● **ACTIVITY**: Below are the records; pull every line that includes "width".
[SOURCE MATERIAL — start]
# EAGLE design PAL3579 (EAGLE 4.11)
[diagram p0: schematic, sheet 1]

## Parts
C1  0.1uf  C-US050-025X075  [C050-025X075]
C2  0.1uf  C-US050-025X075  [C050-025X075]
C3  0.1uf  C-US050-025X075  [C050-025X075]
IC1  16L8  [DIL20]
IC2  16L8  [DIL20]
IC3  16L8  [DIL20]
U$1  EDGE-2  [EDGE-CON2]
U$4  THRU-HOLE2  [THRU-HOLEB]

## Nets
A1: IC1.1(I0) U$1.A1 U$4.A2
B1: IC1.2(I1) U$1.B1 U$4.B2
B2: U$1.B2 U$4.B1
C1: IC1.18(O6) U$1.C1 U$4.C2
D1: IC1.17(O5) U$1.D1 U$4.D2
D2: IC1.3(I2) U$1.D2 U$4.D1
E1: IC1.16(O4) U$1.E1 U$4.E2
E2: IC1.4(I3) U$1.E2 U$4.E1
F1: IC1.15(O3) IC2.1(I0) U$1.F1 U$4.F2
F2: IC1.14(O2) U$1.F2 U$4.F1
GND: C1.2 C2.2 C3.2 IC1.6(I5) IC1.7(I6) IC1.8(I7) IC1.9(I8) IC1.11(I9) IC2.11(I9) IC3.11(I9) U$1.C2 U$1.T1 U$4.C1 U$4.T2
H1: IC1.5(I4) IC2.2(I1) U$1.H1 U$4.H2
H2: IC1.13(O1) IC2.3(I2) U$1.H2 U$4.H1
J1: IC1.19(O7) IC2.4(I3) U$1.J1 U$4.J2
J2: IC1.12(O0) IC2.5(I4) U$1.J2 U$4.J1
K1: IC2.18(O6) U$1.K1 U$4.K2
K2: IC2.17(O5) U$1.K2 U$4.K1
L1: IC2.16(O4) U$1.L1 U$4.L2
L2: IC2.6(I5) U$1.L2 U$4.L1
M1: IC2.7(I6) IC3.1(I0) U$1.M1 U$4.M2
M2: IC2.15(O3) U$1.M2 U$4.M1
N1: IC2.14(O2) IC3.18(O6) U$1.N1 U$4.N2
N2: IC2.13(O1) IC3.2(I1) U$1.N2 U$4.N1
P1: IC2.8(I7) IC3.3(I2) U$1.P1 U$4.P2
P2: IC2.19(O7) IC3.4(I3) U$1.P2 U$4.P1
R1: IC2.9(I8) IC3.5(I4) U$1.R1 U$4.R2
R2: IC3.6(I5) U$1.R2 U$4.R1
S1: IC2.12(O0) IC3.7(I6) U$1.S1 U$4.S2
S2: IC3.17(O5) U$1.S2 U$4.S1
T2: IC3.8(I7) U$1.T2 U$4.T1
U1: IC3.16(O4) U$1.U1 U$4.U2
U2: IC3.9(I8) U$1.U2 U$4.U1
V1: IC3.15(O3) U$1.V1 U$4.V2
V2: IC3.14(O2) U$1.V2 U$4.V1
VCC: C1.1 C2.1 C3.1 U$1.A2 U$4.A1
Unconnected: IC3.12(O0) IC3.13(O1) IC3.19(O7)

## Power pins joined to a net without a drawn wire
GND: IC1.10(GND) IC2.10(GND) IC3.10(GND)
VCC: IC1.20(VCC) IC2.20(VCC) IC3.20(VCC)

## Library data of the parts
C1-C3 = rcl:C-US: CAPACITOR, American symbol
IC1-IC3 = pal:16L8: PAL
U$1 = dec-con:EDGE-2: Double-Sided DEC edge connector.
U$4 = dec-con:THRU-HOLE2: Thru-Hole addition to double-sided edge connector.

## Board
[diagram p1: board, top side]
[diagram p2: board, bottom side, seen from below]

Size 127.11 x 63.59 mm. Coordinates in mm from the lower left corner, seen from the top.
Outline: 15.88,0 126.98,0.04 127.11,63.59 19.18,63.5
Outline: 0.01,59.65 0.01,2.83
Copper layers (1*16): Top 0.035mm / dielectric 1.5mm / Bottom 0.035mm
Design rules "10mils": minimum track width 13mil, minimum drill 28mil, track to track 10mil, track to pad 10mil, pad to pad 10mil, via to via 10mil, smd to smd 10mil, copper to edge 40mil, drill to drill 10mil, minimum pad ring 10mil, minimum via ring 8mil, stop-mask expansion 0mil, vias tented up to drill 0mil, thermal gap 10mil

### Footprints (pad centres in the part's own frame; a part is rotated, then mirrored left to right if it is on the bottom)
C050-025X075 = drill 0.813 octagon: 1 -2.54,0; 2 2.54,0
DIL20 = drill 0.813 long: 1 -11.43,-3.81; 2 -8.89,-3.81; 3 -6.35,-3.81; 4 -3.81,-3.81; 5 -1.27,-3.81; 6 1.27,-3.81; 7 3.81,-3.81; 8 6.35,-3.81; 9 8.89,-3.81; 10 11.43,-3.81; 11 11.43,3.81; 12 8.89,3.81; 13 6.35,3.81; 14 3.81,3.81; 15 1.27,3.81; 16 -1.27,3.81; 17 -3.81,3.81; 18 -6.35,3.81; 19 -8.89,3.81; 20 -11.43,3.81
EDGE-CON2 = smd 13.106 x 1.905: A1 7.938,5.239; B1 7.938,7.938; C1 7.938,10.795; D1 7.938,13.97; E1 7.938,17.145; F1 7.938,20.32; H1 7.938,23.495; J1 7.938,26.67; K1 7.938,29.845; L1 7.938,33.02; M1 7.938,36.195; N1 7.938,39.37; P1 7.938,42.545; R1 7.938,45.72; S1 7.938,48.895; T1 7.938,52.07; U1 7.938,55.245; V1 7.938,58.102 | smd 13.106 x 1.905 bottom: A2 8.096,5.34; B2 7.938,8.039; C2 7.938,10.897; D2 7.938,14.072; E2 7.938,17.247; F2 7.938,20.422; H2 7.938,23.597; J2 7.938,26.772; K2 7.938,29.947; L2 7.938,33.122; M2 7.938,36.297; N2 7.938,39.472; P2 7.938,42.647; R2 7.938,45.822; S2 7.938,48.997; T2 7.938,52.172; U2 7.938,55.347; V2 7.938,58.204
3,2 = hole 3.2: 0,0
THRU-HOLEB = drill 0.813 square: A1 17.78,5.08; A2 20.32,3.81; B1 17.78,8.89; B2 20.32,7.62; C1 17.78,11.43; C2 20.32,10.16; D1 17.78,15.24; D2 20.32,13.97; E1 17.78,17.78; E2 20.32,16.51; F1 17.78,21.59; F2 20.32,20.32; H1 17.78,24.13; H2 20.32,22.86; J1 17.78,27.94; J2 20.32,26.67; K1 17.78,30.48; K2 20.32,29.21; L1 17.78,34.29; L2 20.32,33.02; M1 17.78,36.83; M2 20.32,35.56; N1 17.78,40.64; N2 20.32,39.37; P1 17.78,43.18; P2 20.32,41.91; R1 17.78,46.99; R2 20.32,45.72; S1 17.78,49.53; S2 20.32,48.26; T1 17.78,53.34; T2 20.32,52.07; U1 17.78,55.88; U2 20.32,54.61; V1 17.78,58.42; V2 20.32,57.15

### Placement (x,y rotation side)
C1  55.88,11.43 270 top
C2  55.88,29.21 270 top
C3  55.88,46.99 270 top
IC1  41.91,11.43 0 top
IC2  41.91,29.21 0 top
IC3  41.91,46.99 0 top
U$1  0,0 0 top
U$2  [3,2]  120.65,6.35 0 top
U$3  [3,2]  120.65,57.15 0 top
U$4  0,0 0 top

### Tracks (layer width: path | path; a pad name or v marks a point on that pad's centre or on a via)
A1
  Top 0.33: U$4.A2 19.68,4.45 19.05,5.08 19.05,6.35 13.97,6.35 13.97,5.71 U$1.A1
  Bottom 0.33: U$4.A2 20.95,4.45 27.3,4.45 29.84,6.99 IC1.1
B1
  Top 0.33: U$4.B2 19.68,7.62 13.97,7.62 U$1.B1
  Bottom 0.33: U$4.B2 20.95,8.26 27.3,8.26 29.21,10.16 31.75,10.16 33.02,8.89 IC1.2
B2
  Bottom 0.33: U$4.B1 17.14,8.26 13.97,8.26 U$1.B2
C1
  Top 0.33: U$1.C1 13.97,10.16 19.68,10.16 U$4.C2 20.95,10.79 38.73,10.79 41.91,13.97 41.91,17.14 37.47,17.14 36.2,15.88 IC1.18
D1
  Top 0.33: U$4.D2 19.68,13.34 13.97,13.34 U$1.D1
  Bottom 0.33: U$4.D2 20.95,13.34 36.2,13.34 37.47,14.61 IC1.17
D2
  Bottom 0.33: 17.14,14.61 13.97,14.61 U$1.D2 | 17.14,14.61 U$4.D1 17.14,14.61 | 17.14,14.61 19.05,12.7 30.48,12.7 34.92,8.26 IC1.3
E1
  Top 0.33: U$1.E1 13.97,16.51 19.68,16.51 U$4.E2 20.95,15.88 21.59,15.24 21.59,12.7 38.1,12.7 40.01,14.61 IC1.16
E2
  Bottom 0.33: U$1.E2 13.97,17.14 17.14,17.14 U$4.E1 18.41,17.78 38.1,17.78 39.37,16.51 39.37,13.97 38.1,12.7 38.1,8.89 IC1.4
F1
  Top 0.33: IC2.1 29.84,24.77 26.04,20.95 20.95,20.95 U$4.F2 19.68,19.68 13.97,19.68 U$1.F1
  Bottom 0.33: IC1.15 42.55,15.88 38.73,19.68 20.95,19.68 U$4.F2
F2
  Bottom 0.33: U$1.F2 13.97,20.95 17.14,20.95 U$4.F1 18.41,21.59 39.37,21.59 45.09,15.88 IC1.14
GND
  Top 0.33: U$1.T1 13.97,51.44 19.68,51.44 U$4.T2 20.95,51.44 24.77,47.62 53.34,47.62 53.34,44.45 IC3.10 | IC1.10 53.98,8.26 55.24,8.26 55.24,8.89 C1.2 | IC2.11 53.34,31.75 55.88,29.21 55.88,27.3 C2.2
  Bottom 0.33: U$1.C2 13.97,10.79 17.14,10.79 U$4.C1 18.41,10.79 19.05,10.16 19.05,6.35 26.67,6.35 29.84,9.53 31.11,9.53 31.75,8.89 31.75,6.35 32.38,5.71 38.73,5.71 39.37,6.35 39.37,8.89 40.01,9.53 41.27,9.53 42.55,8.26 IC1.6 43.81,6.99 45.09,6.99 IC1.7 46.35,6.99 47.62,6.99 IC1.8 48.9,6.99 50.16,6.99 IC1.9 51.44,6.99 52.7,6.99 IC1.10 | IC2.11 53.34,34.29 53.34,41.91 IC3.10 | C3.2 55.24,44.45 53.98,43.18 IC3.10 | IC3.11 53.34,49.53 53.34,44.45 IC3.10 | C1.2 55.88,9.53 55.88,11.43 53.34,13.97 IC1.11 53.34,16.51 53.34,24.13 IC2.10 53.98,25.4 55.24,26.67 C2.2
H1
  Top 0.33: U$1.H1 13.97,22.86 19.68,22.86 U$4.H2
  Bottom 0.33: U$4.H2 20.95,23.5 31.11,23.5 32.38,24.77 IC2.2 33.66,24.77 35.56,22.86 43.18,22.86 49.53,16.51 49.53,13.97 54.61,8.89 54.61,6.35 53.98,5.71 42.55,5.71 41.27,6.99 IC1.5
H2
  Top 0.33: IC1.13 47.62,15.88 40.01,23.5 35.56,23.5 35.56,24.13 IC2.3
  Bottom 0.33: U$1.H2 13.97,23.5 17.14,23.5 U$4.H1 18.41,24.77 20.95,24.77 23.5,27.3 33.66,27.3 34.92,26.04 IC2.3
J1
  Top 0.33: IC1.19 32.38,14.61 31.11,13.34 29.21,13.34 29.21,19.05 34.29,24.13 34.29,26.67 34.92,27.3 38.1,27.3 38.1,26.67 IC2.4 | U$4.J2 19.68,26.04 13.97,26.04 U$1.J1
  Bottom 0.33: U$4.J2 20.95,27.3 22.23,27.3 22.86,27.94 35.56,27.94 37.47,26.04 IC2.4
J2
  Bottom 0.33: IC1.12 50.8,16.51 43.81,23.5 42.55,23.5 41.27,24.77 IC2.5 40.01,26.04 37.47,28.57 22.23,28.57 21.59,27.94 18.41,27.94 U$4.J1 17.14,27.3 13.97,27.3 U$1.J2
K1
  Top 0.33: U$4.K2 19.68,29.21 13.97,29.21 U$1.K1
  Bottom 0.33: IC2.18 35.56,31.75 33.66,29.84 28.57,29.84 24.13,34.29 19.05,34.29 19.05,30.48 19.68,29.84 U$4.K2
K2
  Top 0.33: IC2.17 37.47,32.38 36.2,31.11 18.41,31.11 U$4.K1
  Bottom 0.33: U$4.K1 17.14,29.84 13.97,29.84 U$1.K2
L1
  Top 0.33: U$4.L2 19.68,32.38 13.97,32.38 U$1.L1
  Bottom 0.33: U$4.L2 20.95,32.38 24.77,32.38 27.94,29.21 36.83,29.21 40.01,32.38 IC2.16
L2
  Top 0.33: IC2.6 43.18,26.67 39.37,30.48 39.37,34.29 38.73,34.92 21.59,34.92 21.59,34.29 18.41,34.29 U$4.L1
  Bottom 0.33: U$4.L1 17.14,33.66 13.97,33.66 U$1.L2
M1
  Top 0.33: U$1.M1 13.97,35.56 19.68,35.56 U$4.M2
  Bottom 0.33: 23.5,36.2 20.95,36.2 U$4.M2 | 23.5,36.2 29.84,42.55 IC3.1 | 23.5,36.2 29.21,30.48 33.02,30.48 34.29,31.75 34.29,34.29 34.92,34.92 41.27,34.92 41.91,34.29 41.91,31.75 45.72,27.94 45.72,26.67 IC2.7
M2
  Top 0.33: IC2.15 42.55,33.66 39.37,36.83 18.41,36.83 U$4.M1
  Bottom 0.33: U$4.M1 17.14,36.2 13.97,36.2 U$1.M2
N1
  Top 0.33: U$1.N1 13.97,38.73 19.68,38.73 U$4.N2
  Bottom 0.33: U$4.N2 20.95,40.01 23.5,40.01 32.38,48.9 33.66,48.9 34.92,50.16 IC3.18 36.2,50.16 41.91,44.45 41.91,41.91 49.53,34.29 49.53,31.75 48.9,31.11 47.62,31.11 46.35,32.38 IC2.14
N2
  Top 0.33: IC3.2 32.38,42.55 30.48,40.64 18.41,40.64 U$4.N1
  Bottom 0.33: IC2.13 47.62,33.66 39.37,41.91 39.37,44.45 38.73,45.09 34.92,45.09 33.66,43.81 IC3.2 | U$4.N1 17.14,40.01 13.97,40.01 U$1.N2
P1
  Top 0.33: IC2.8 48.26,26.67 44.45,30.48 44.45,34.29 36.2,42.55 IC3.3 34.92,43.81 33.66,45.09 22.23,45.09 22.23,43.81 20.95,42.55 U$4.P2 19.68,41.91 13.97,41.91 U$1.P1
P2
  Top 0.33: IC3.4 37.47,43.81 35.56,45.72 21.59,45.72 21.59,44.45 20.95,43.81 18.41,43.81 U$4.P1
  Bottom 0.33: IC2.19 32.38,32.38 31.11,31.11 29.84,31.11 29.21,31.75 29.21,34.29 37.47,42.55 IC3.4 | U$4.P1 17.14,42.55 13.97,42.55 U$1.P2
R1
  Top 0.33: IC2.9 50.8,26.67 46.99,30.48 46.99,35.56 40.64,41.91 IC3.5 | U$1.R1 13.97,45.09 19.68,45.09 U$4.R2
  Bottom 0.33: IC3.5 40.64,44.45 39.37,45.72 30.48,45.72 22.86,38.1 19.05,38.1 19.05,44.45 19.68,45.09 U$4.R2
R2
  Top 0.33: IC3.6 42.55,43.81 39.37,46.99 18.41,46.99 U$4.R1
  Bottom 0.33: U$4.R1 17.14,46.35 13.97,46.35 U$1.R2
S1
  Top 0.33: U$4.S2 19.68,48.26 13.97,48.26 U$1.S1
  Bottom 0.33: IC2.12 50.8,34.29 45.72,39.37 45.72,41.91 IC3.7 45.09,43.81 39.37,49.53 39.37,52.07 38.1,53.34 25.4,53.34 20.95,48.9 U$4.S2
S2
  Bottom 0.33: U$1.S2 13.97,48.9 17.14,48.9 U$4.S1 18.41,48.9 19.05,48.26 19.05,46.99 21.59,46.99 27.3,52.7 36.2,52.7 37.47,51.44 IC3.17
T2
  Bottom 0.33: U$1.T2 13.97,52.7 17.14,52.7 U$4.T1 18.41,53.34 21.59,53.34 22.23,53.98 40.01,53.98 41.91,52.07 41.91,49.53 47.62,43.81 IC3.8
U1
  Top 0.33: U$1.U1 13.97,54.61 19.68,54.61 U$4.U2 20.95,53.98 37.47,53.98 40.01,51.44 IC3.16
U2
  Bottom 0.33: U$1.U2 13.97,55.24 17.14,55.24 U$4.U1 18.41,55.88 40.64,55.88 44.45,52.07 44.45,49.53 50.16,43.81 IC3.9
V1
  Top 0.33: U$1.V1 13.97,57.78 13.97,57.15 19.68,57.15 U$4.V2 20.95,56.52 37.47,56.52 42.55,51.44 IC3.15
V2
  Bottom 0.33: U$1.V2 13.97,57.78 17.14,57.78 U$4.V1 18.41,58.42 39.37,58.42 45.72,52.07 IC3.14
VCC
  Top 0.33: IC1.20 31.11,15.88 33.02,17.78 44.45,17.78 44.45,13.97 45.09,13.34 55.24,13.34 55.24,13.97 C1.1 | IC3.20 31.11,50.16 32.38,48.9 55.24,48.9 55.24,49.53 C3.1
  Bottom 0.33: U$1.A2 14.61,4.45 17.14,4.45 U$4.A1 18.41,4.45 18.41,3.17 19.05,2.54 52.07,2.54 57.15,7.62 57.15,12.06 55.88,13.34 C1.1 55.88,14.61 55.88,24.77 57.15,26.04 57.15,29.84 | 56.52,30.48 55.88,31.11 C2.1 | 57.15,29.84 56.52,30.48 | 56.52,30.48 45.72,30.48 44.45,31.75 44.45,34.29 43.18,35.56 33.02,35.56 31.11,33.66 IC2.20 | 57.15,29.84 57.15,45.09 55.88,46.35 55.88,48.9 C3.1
[SOURCE MATERIAL — finish]
● **REPLY TO THE EXERCISE**:
Design rules "10mils": minimum track width 13mil, minimum drill 28mil, track to track 10mil, track to pad 10mil, pad to pad 10mil, via to via 10mil, smd to smd 10mil, copper to edge 40mil, drill to drill 10mil, minimum pad ring 10mil, minimum via ring 8mil, stop-mask expansion 0mil, vias tented up to drill 0mil, thermal gap 10mil
### Tracks (layer width: path | path; a pad name or v marks a point on that pad's centre or on a via)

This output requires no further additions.